# Exercise material:
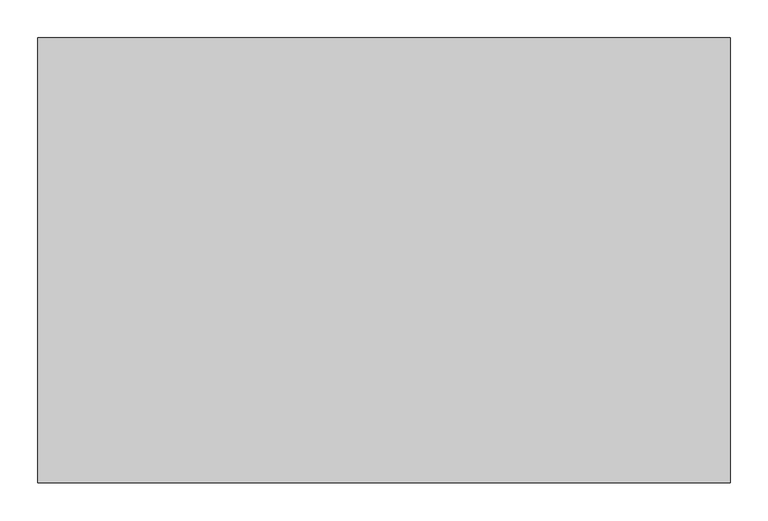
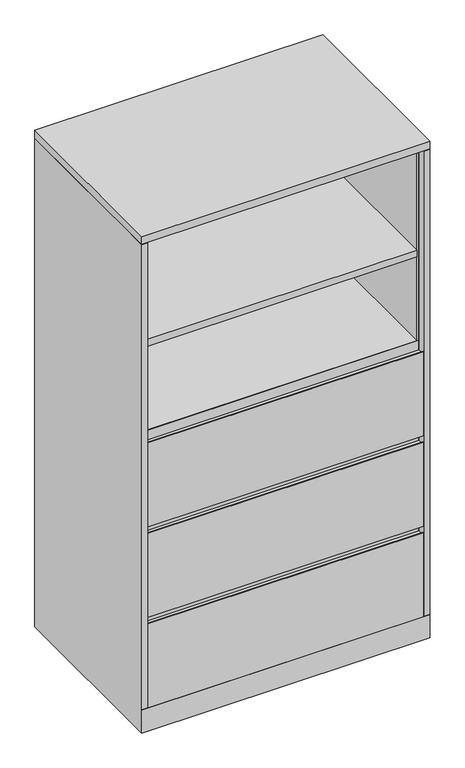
"""IFC4 building model written with IfcOpenShell, lengths in millimetres: furniture geometry, Steelcase - Universal Storage - Cabinet - Combination - Flush Steel : 65 1/2H - 3 Drawers - 23 1/8D x 36W."""

from ifc_helpers import new_model, si_unit, frame, origin, place, context, project, spatial, polyline, outline, extrude, faceted_brep, source, transform, mapped, element, save


def furniture_2e304736(model_context):
    return source(origin(), model_context, "Body", "SolidModel", [
        extrude(outline(polyline([(914.4, 0.0), (914.4, -587.502), (0.0, -587.502), (0.0, 0.0), (914.4, 0.0)])), frame((0.0, 0.0, 1638.2999516), z_axis=(0.0, 0.0, 1.0), x_axis=(1.0, 0.0, 0.0)), (0.0, 0.0, 1.0), 25.4000484),
        extrude(outline(polyline([(-587.502, 358.7750484), (-584.3262491, 358.7750484), (-584.3262491, 349.2500484), (-561.975866, 349.2500484), (-561.975866, 381.0), (-560.4518674, 381.0), (-560.4518674, 349.2500484), (-560.4518674, 77.724), (-587.502, 77.724), (-587.502, 358.7750484)])), frame((20.8280006, 0.0, 0.0), z_axis=(1.0, 0.0, 0.0), x_axis=(0.0, 1.0, 0.0)), (0.0, 0.0, 1.0), 872.7439994),
        extrude(outline(polyline([(889.0000242, -25.4000008), (889.0000242, -560.4518674), (25.4000008, -560.4518674), (25.4000008, -25.4000008), (889.0000242, -25.4000008)])), frame((0.0, 0.0, 358.7750484), z_axis=(0.0, 0.0, 1.0), x_axis=(1.0, 0.0, 0.0)), (0.0, 0.0, 1.0), 22.2249516),
        extrude(outline(polyline([(889.0000242, -25.4000008), (889.0000242, -560.4518674), (25.4000008, -560.4518674), (25.4000008, -25.4000008), (889.0000242, -25.4000008)])), frame((0.0, 0.0, 1268.6030484), z_axis=(0.0, 0.0, 1.0), x_axis=(1.0, 0.0, 0.0)), (0.0, 0.0, 1.0), 22.2249516),
        extrude(outline(polyline([(-587.502, 965.3270484), (-584.3262491, 965.3270484), (-584.3262491, 955.8020484), (-561.975866, 955.8020484), (-561.975866, 987.552), (-560.4518674, 987.552), (-560.4518674, 955.8020484), (-560.4518674, 684.276), (-587.502, 684.276), (-587.502, 965.3270484)])), frame((20.8280006, 0.0, 0.0), z_axis=(1.0, 0.0, 0.0), x_axis=(0.0, 1.0, 0.0)), (0.0, 0.0, 1.0), 872.7439994),
        extrude(outline(polyline([(889.0000242, -25.4000008), (889.0000242, -560.4518674), (25.4000008, -560.4518674), (25.4000008, -25.4000008), (889.0000242, -25.4000008)])), frame((0.0, 0.0, 965.3270484), z_axis=(0.0, 0.0, 1.0), x_axis=(1.0, 0.0, 0.0)), (0.0, 0.0, 1.0), 22.2249516),
        extrude(outline(polyline([(-587.502, 662.0510484), (-584.3262491, 662.0510484), (-584.3262491, 652.5260484), (-561.975866, 652.5260484), (-561.975866, 684.276), (-560.4518674, 684.276), (-560.4518674, 652.5260484), (-560.4518674, 381.0), (-587.502, 381.0), (-587.502, 662.0510484)])), frame((20.8280006, 0.0, 0.0), z_axis=(1.0, 0.0, 0.0), x_axis=(0.0, 1.0, 0.0)), (0.0, 0.0, 1.0), 872.7439994),
        extrude(outline(polyline([(889.0000242, -25.4000008), (889.0000242, -560.4518674), (25.4000008, -560.4518674), (25.4000008, -25.4000008), (889.0000242, -25.4000008)])), frame((0.0, 0.0, 662.0510484), z_axis=(0.0, 0.0, 1.0), x_axis=(1.0, 0.0, 0.0)), (0.0, 0.0, 1.0), 22.2249516),
        faceted_brep([(914.4, 0.0, 0.0), (914.4, -587.502, 0.0), (0.0, -587.502, 0.0), (0.0, 0.0, 0.0), (0.0, 0.0, 1636.776), (914.4, 0.0, 1636.776), (0.0, -587.502, 76.2), (0.0, -587.502, 77.724), (0.0, -587.502, 1636.776), (914.4, -587.502, 76.2), (914.4, -587.502, 1636.776), (914.4, -587.502, 77.724), (889.0000242, -25.4000008, 1636.776), (889.0000242, -560.4518674, 1636.776), (893.572, -560.4518674, 1636.776), (893.572, -561.9758781, 1636.776), (895.096, -561.9758781, 1636.776), (895.096, -587.502, 1636.776), (19.304, -587.502, 1636.776), (19.304, -561.975866, 1636.776), (20.8280006, -561.975866, 1636.776), (20.8280006, -560.4518674, 1636.776), (25.4000008, -560.4518674, 1636.776), (25.4000008, -25.4000008, 1636.776), (19.304, -587.502, 77.724), (19.304, -568.198, 77.724), (895.096, -587.502, 77.724), (895.096, -568.0718418, 77.724), (889.0000242, -25.4000008, 77.724), (889.0000242, -560.4518674, 77.724), (893.572, -560.4518674, 77.724), (893.572, -561.9758781, 77.724), (895.096, -561.9758781, 77.724), (19.304, -561.975866, 77.724), (20.8280006, -561.975866, 77.724), (20.8280006, -560.4518674, 77.724), (25.4000008, -560.4518674, 77.724), (25.4000008, -25.4000008, 77.724), (25.526134, -561.975866, 77.724), (889.0000242, -561.975866, 77.724)], [[[0, 1, 2, 3]], [[0, 3, 4, 5]], [[4, 3, 2, 6, 7, 8]], [[2, 1, 9, 6]], [[1, 0, 5, 10, 11, 9]], [[12, 13, 14, 15, 16, 17, 10, 5, 4, 8, 18, 19, 20, 21, 22, 23]], [[24, 7, 25]], [[11, 26, 27]], [[13, 12, 28, 29]], [[14, 13, 29, 30]], [[15, 14, 30, 31]], [[16, 15, 31, 32]], [[17, 16, 32, 27, 26]], [[10, 17, 26, 11]], [[18, 8, 7, 24]], [[19, 18, 24, 25, 33]], [[20, 19, 33, 34]], [[21, 20, 34, 35]], [[22, 21, 35, 36]], [[23, 22, 36, 37]], [[12, 23, 37, 28]], [[38, 39, 27, 32, 31, 30, 29, 28, 37, 36, 35, 34, 33, 25]], [[7, 6, 38, 25]], [[39, 38, 6, 9]], [[39, 9, 11, 27]]]),
    ])


if __name__ == "__main__":
    model = new_model("IFC4")
    model_context = context("Model", 3, world=origin())
    ifc_project = project(units=[si_unit("LENGTHUNIT", "METRE", prefix="MILLI")], contexts=[model_context])
    site = spatial("IfcSite", under=ifc_project)
    building = spatial("IfcBuilding", under=site)
    placement = place(None, origin())
    furniture_shape = furniture_2e304736(model_context)
    element("IfcFurniture", 1, ObjectType="Steelcase - Universal Storage - Cabinet - Combination - Flush Steel : 65 1/2H - 3 Drawers - 23 1/8D x 36W", at=placement, inside=building, context=model_context, shape_type="MappedRepresentation", body=[
        mapped(furniture_shape, transform((0.0, 0.0, 0.0), x_axis=(1.0, 0.0, 0.0), y_axis=(0.0, 1.0, 0.0), z_axis=(0.0, 0.0, 1.0))),
    ])
    save(model, "model.ifc")

# Exercise directions:
Retype the data word for word, please, and keep the images out.

# The completed task:
"""IFC4 building model written with IfcOpenShell, lengths in millimetres: furniture geometry, Steelcase - Universal Storage - Cabinet - Combination - Flush Steel : 65 1/2H - 3 Drawers - 23 1/8D x 36W."""

from ifc_helpers import new_model, si_unit, frame, origin, place, context, project, spatial, polyline, outline, extrude, faceted_brep, source, transform, mapped, element, save


def furniture_2e304736(model_context):
    return source(origin(), model_context, "Body", "SolidModel", [
        extrude(outline(polyline([(914.4, 0.0), (914.4, -587.502), (0.0, -587.502), (0.0, 0.0), (914.4, 0.0)])), frame((0.0, 0.0, 1638.2999516), z_axis=(0.0, 0.0, 1.0), x_axis=(1.0, 0.0, 0.0)), (0.0, 0.0, 1.0), 25.4000484),
        extrude(outline(polyline([(-587.502, 358.7750484), (-584.3262491, 358.7750484), (-584.3262491, 349.2500484), (-561.975866, 349.2500484), (-561.975866, 381.0), (-560.4518674, 381.0), (-560.4518674, 349.2500484), (-560.4518674, 77.724), (-587.502, 77.724), (-587.502, 358.7750484)])), frame((20.8280006, 0.0, 0.0), z_axis=(1.0, 0.0, 0.0), x_axis=(0.0, 1.0, 0.0)), (0.0, 0.0, 1.0), 872.7439994),
        extrude(outline(polyline([(889.0000242, -25.4000008), (889.0000242, -560.4518674), (25.4000008, -560.4518674), (25.4000008, -25.4000008), (889.0000242, -25.4000008)])), frame((0.0, 0.0, 358.7750484), z_axis=(0.0, 0.0, 1.0), x_axis=(1.0, 0.0, 0.0)), (0.0, 0.0, 1.0), 22.2249516),
        extrude(outline(polyline([(889.0000242, -25.4000008), (889.0000242, -560.4518674), (25.4000008, -560.4518674), (25.4000008, -25.4000008), (889.0000242, -25.4000008)])), frame((0.0, 0.0, 1268.6030484), z_axis=(0.0, 0.0, 1.0), x_axis=(1.0, 0.0, 0.0)), (0.0, 0.0, 1.0), 22.2249516),
        extrude(outline(polyline([(-587.502, 965.3270484), (-584.3262491, 965.3270484), (-584.3262491, 955.8020484), (-561.975866, 955.8020484), (-561.975866, 987.552), (-560.4518674, 987.552), (-560.4518674, 955.8020484), (-560.4518674, 684.276), (-587.502, 684.276), (-587.502, 965.3270484)])), frame((20.8280006, 0.0, 0.0), z_axis=(1.0, 0.0, 0.0), x_axis=(0.0, 1.0, 0.0)), (0.0, 0.0, 1.0), 872.7439994),
        extrude(outline(polyline([(889.0000242, -25.4000008), (889.0000242, -560.4518674), (25.4000008, -560.4518674), (25.4000008, -25.4000008), (889.0000242, -25.4000008)])), frame((0.0, 0.0, 965.3270484), z_axis=(0.0, 0.0, 1.0), x_axis=(1.0, 0.0, 0.0)), (0.0, 0.0, 1.0), 22.2249516),
        extrude(outline(polyline([(-587.502, 662.0510484), (-584.3262491, 662.0510484), (-584.3262491, 652.5260484), (-561.975866, 652.5260484), (-561.975866, 684.276), (-560.4518674, 684.276), (-560.4518674, 652.5260484), (-560.4518674, 381.0), (-587.502, 381.0), (-587.502, 662.0510484)])), frame((20.8280006, 0.0, 0.0), z_axis=(1.0, 0.0, 0.0), x_axis=(0.0, 1.0, 0.0)), (0.0, 0.0, 1.0), 872.7439994),
        extrude(outline(polyline([(889.0000242, -25.4000008), (889.0000242, -560.4518674), (25.4000008, -560.4518674), (25.4000008, -25.4000008), (889.0000242, -25.4000008)])), frame((0.0, 0.0, 662.0510484), z_axis=(0.0, 0.0, 1.0), x_axis=(1.0, 0.0, 0.0)), (0.0, 0.0, 1.0), 22.2249516),
        faceted_brep([(914.4, 0.0, 0.0), (914.4, -587.502, 0.0), (0.0, -587.502, 0.0), (0.0, 0.0, 0.0), (0.0, 0.0, 1636.776), (914.4, 0.0, 1636.776), (0.0, -587.502, 76.2), (0.0, -587.502, 77.724), (0.0, -587.502, 1636.776), (914.4, -587.502, 76.2), (914.4, -587.502, 1636.776), (914.4, -587.502, 77.724), (889.0000242, -25.4000008, 1636.776), (889.0000242, -560.4518674, 1636.776), (893.572, -560.4518674, 1636.776), (893.572, -561.9758781, 1636.776), (895.096, -561.9758781, 1636.776), (895.096, -587.502, 1636.776), (19.304, -587.502, 1636.776), (19.304, -561.975866, 1636.776), (20.8280006, -561.975866, 1636.776), (20.8280006, -560.4518674, 1636.776), (25.4000008, -560.4518674, 1636.776), (25.4000008, -25.4000008, 1636.776), (19.304, -587.502, 77.724), (19.304, -568.198, 77.724), (895.096, -587.502, 77.724), (895.096, -568.0718418, 77.724), (889.0000242, -25.4000008, 77.724), (889.0000242, -560.4518674, 77.724), (893.572, -560.4518674, 77.724), (893.572, -561.9758781, 77.724), (895.096, -561.9758781, 77.724), (19.304, -561.975866, 77.724), (20.8280006, -561.975866, 77.724), (20.8280006, -560.4518674, 77.724), (25.4000008, -560.4518674, 77.724), (25.4000008, -25.4000008, 77.724), (25.526134, -561.975866, 77.724), (889.0000242, -561.975866, 77.724)], [[[0, 1, 2, 3]], [[0, 3, 4, 5]], [[4, 3, 2, 6, 7, 8]], [[2, 1, 9, 6]], [[1, 0, 5, 10, 11, 9]], [[12, 13, 14, 15, 16, 17, 10, 5, 4, 8, 18, 19, 20, 21, 22, 23]], [[24, 7, 25]], [[11, 26, 27]], [[13, 12, 28, 29]], [[14, 13, 29, 30]], [[15, 14, 30, 31]], [[16, 15, 31, 32]], [[17, 16, 32, 27, 26]], [[10, 17, 26, 11]], [[18, 8, 7, 24]], [[19, 18, 24, 25, 33]], [[20, 19, 33, 34]], [[21, 20, 34, 35]], [[22, 21, 35, 36]], [[23, 22, 36, 37]], [[12, 23, 37, 28]], [[38, 39, 27, 32, 31, 30, 29, 28, 37, 36, 35, 34, 33, 25]], [[7, 6, 38, 25]], [[39, 38, 6, 9]], [[39, 9, 11, 27]]]),
    ])


if __name__ == "__main__":
    model = new_model("IFC4")
    model_context = context("Model", 3, world=origin())
    ifc_project = project(units=[si_unit("LENGTHUNIT", "METRE", prefix="MILLI")], contexts=[model_context])
    site = spatial("IfcSite", under=ifc_project)
    building = spatial("IfcBuilding", under=site)
    placement = place(None, origin())
    furniture_shape = furniture_2e304736(model_context)
    element("IfcFurniture", 1, ObjectType="Steelcase - Universal Storage - Cabinet - Combination - Flush Steel : 65 1/2H - 3 Drawers - 23 1/8D x 36W", at=placement, inside=building, context=model_context, shape_type="MappedRepresentation", body=[
        mapped(furniture_shape, transform((0.0, 0.0, 0.0), x_axis=(1.0, 0.0, 0.0), y_axis=(0.0, 1.0, 0.0), z_axis=(0.0, 0.0, 1.0))),
    ])
    save(model, "model.ifc")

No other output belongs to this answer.